▸ **Records provided**
*-*-*

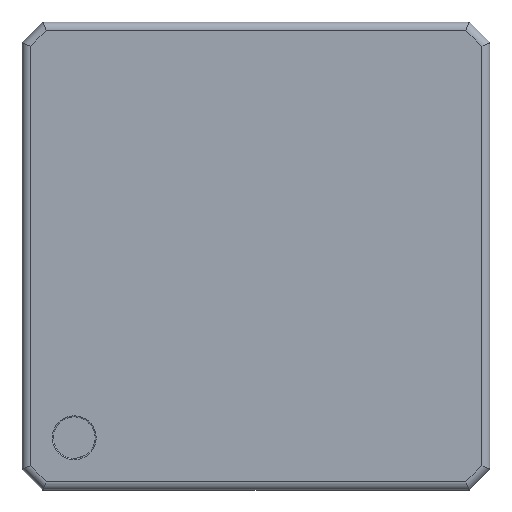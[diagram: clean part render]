
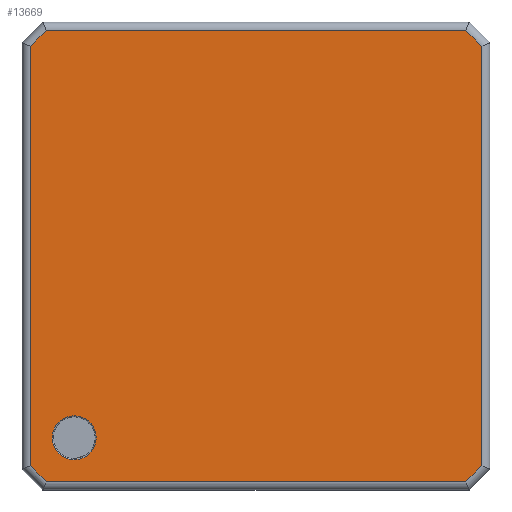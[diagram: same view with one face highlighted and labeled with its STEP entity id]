
A CAD part, top view. The second image highlights one B-rep face of the part: STEP entity #13669.
In plain terms, the highlighted planar face has unit normal (0, 0, 1).
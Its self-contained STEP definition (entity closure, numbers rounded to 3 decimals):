
#13367 = CARTESIAN_POINT ( 'NONE',  ( -11.049, -12.383, 2.54 ) ) ;
#13368 = VERTEX_POINT ( 'NONE', #13367 ) ;
#13376 = CARTESIAN_POINT ( 'NONE',  ( -11.049, -9.716, 2.54 ) ) ;
#13377 = VERTEX_POINT ( 'NONE', #13376 ) ;
#13378 = CARTESIAN_POINT ( 'NONE',  ( -11.049, -11.049, 2.54 ) ) ;
#13379 = DIRECTION ( 'NONE',  ( 0., 0., -1. ) ) ;
#13380 = DIRECTION ( 'NONE',  ( 0., 1., 0. ) ) ;
#13381 = AXIS2_PLACEMENT_3D ( 'NONE', #13378, #13379, #13380 ) ;
#13382 = CIRCLE ( 'NONE', #13381, 1.334) ;
#13383 = EDGE_CURVE ( 'NONE', #13377, #13368, #13382, .T. ) ;
#13588 = ORIENTED_EDGE ( 'NONE', *, *, #13383, .T. ) ;
#13589 = CARTESIAN_POINT ( 'NONE',  ( -11.049, -11.049, 2.54 ) ) ;
#13590 = DIRECTION ( 'NONE',  ( 0., 0., -1. ) ) ;
#13591 = DIRECTION ( 'NONE',  ( 0., 1., 0. ) ) ;
#13592 = AXIS2_PLACEMENT_3D ( 'NONE', #13589, #13590, #13591 ) ;
#13593 = CIRCLE ( 'NONE', #13592, 1.334) ;
#13594 = EDGE_CURVE ( 'NONE', #13368, #13377, #13593, .T. ) ;
#13595 = ORIENTED_EDGE ( 'NONE', *, *, #13594, .T. ) ;
#13596 = EDGE_LOOP ( 'NONE', ( #13588, #13595 ) ) ;
#13597 = FACE_BOUND ( 'NONE', #13596, .T. ) ;
#13598 = CARTESIAN_POINT ( 'NONE',  ( 13.716, -12.744, 2.54 ) ) ;
#13599 = VERTEX_POINT ( 'NONE', #13598 ) ;
#13600 = CARTESIAN_POINT ( 'NONE',  ( 13.716, 12.744, 2.54 ) ) ;
#13601 = VERTEX_POINT ( 'NONE', #13600 ) ;
#13602 = CARTESIAN_POINT ( 'NONE',  ( 13.716, 0., 2.54 ) ) ;
#13603 = DIRECTION ( 'NONE',  ( 0., 1., 0. ) ) ;
#13604 = VECTOR ( 'NONE', #13603, 1000. ) ;
#13605 = LINE ( 'NONE', #13602, #13604 ) ;
#13606 = EDGE_CURVE ( 'NONE', #13599, #13601, #13605, .T. ) ;
#13607 = ORIENTED_EDGE ( 'NONE', *, *, #13606, .T. ) ;
#13608 = CARTESIAN_POINT ( 'NONE',  ( 12.744, 13.716, 2.54 ) ) ;
#13609 = VERTEX_POINT ( 'NONE', #13608 ) ;
#13610 = CARTESIAN_POINT ( 'NONE',  ( 12.595, 13.865, 2.54 ) ) ;
#13611 = DIRECTION ( 'NONE',  ( -0.707, 0.707, 0. ) ) ;
#13612 = VECTOR ( 'NONE', #13611, 1000. ) ;
#13613 = LINE ( 'NONE', #13610, #13612 ) ;
#13614 = EDGE_CURVE ( 'NONE', #13601, #13609, #13613, .T. ) ;
#13615 = ORIENTED_EDGE ( 'NONE', *, *, #13614, .T. ) ;
#13616 = CARTESIAN_POINT ( 'NONE',  ( -12.744, 13.716, 2.54 ) ) ;
#13617 = VERTEX_POINT ( 'NONE', #13616 ) ;
#13618 = CARTESIAN_POINT ( 'NONE',  ( 0., 13.716, 2.54 ) ) ;
#13619 = DIRECTION ( 'NONE',  ( -1., 0., 0. ) ) ;
#13620 = VECTOR ( 'NONE', #13619, 1000. ) ;
#13621 = LINE ( 'NONE', #13618, #13620 ) ;
#13622 = EDGE_CURVE ( 'NONE', #13609, #13617, #13621, .T. ) ;
#13623 = ORIENTED_EDGE ( 'NONE', *, *, #13622, .T. ) ;
#13624 = CARTESIAN_POINT ( 'NONE',  ( -13.716, 12.744, 2.54 ) ) ;
#13625 = VERTEX_POINT ( 'NONE', #13624 ) ;
#13626 = CARTESIAN_POINT ( 'NONE',  ( -13.865, 12.595, 2.54 ) ) ;
#13627 = DIRECTION ( 'NONE',  ( -0.707, -0.707, 0. ) ) ;
#13628 = VECTOR ( 'NONE', #13627, 1000. ) ;
#13629 = LINE ( 'NONE', #13626, #13628 ) ;
#13630 = EDGE_CURVE ( 'NONE', #13617, #13625, #13629, .T. ) ;
#13631 = ORIENTED_EDGE ( 'NONE', *, *, #13630, .T. ) ;
#13632 = CARTESIAN_POINT ( 'NONE',  ( -13.716, -12.744, 2.54 ) ) ;
#13633 = VERTEX_POINT ( 'NONE', #13632 ) ;
#13634 = CARTESIAN_POINT ( 'NONE',  ( -13.716, 0., 2.54 ) ) ;
#13635 = DIRECTION ( 'NONE',  ( 0., -1., 0. ) ) ;
#13636 = VECTOR ( 'NONE', #13635, 1000. ) ;
#13637 = LINE ( 'NONE', #13634, #13636 ) ;
#13638 = EDGE_CURVE ( 'NONE', #13625, #13633, #13637, .T. ) ;
#13639 = ORIENTED_EDGE ( 'NONE', *, *, #13638, .T. ) ;
#13640 = CARTESIAN_POINT ( 'NONE',  ( -12.744, -13.716, 2.54 ) ) ;
#13641 = VERTEX_POINT ( 'NONE', #13640 ) ;
#13642 = CARTESIAN_POINT ( 'NONE',  ( -12.595, -13.865, 2.54 ) ) ;
#13643 = DIRECTION ( 'NONE',  ( 0.707, -0.707, 0. ) ) ;
#13644 = VECTOR ( 'NONE', #13643, 1000. ) ;
#13645 = LINE ( 'NONE', #13642, #13644 ) ;
#13646 = EDGE_CURVE ( 'NONE', #13633, #13641, #13645, .T. ) ;
#13647 = ORIENTED_EDGE ( 'NONE', *, *, #13646, .T. ) ;
#13648 = CARTESIAN_POINT ( 'NONE',  ( 12.744, -13.716, 2.54 ) ) ;
#13649 = VERTEX_POINT ( 'NONE', #13648 ) ;
#13650 = CARTESIAN_POINT ( 'NONE',  ( 0., -13.716, 2.54 ) ) ;
#13651 = DIRECTION ( 'NONE',  ( 1., 0., 0. ) ) ;
#13652 = VECTOR ( 'NONE', #13651, 1000. ) ;
#13653 = LINE ( 'NONE', #13650, #13652 ) ;
#13654 = EDGE_CURVE ( 'NONE', #13641, #13649, #13653, .T. ) ;
#13655 = ORIENTED_EDGE ( 'NONE', *, *, #13654, .T. ) ;
#13656 = CARTESIAN_POINT ( 'NONE',  ( 13.865, -12.595, 2.54 ) ) ;
#13657 = DIRECTION ( 'NONE',  ( 0.707, 0.707, 0. ) ) ;
#13658 = VECTOR ( 'NONE', #13657, 1000. ) ;
#13659 = LINE ( 'NONE', #13656, #13658 ) ;
#13660 = EDGE_CURVE ( 'NONE', #13649, #13599, #13659, .T. ) ;
#13661 = ORIENTED_EDGE ( 'NONE', *, *, #13660, .T. ) ;
#13662 = EDGE_LOOP ( 'NONE', ( #13607, #13615, #13623, #13631, #13639, #13647, #13655, #13661 ) ) ;
#13663 = FACE_OUTER_BOUND ( 'NONE', #13662, .T. ) ;
#13664 = CARTESIAN_POINT ( 'NONE',  ( 0., 0., 2.54 ) ) ;
#13665 = DIRECTION ( 'NONE',  ( 0., 0., -1. ) ) ;
#13666 = DIRECTION ( 'NONE',  ( 0., 1., 0. ) ) ;
#13667 = AXIS2_PLACEMENT_3D ( 'NONE', #13664, #13665, #13666 ) ;
#13668 = PLANE ( 'NONE', #13667 ) ;
#13669 = ADVANCED_FACE ( 'NONE', ( #13597, #13663 ), #13668, .F. ) ;

*-*-*

▸ **Work request**
Restate word for word the entries above from the line with "#13597 = FACE_BOUND ( 'NONE', #13596, .T. ) ;" through the line with "#13632 = CARTESIAN_POINT", inclusive, leaving out everything else.

▸ **Result for this task**
#13597 = FACE_BOUND ( 'NONE', #13596, .T. ) ;
#13598 = CARTESIAN_POINT ( 'NONE',  ( 13.716, -12.744, 2.54 ) ) ;
#13599 = VERTEX_POINT ( 'NONE', #13598 ) ;
#13600 = CARTESIAN_POINT ( 'NONE',  ( 13.716, 12.744, 2.54 ) ) ;
#13601 = VERTEX_POINT ( 'NONE', #13600 ) ;
#13602 = CARTESIAN_POINT ( 'NONE',  ( 13.716, 0., 2.54 ) ) ;
#13603 = DIRECTION ( 'NONE',  ( 0., 1., 0. ) ) ;
#13604 = VECTOR ( 'NONE', #13603, 1000. ) ;
#13605 = LINE ( 'NONE', #13602, #13604 ) ;
#13606 = EDGE_CURVE ( 'NONE', #13599, #13601, #13605, .T. ) ;
#13607 = ORIENTED_EDGE ( 'NONE', *, *, #13606, .T. ) ;
#13608 = CARTESIAN_POINT ( 'NONE',  ( 12.744, 13.716, 2.54 ) ) ;
#13609 = VERTEX_POINT ( 'NONE', #13608 ) ;
#13610 = CARTESIAN_POINT ( 'NONE',  ( 12.595, 13.865, 2.54 ) ) ;
#13611 = DIRECTION ( 'NONE',  ( -0.707, 0.707, 0. ) ) ;
#13612 = VECTOR ( 'NONE', #13611, 1000. ) ;
#13613 = LINE ( 'NONE', #13610, #13612 ) ;
#13614 = EDGE_CURVE ( 'NONE', #13601, #13609, #13613, .T. ) ;
#13615 = ORIENTED_EDGE ( 'NONE', *, *, #13614, .T. ) ;
#13616 = CARTESIAN_POINT ( 'NONE',  ( -12.744, 13.716, 2.54 ) ) ;
#13617 = VERTEX_POINT ( 'NONE', #13616 ) ;
#13618 = CARTESIAN_POINT ( 'NONE',  ( 0., 13.716, 2.54 ) ) ;
#13619 = DIRECTION ( 'NONE',  ( -1., 0., 0. ) ) ;
#13620 = VECTOR ( 'NONE', #13619, 1000. ) ;
#13621 = LINE ( 'NONE', #13618, #13620 ) ;
#13622 = EDGE_CURVE ( 'NONE', #13609, #13617, #13621, .T. ) ;
#13623 = ORIENTED_EDGE ( 'NONE', *, *, #13622, .T. ) ;
#13624 = CARTESIAN_POINT ( 'NONE',  ( -13.716, 12.744, 2.54 ) ) ;
#13625 = VERTEX_POINT ( 'NONE', #13624 ) ;
#13626 = CARTESIAN_POINT ( 'NONE',  ( -13.865, 12.595, 2.54 ) ) ;
#13627 = DIRECTION ( 'NONE',  ( -0.707, -0.707, 0. ) ) ;
#13628 = VECTOR ( 'NONE', #13627, 1000. ) ;
#13629 = LINE ( 'NONE', #13626, #13628 ) ;
#13630 = EDGE_CURVE ( 'NONE', #13617, #13625, #13629, .T. ) ;
#13631 = ORIENTED_EDGE ( 'NONE', *, *, #13630, .T. ) ;
#13632 = CARTESIAN_POINT ( 'NONE',  ( -13.716, -12.744, 2.54 ) ) ;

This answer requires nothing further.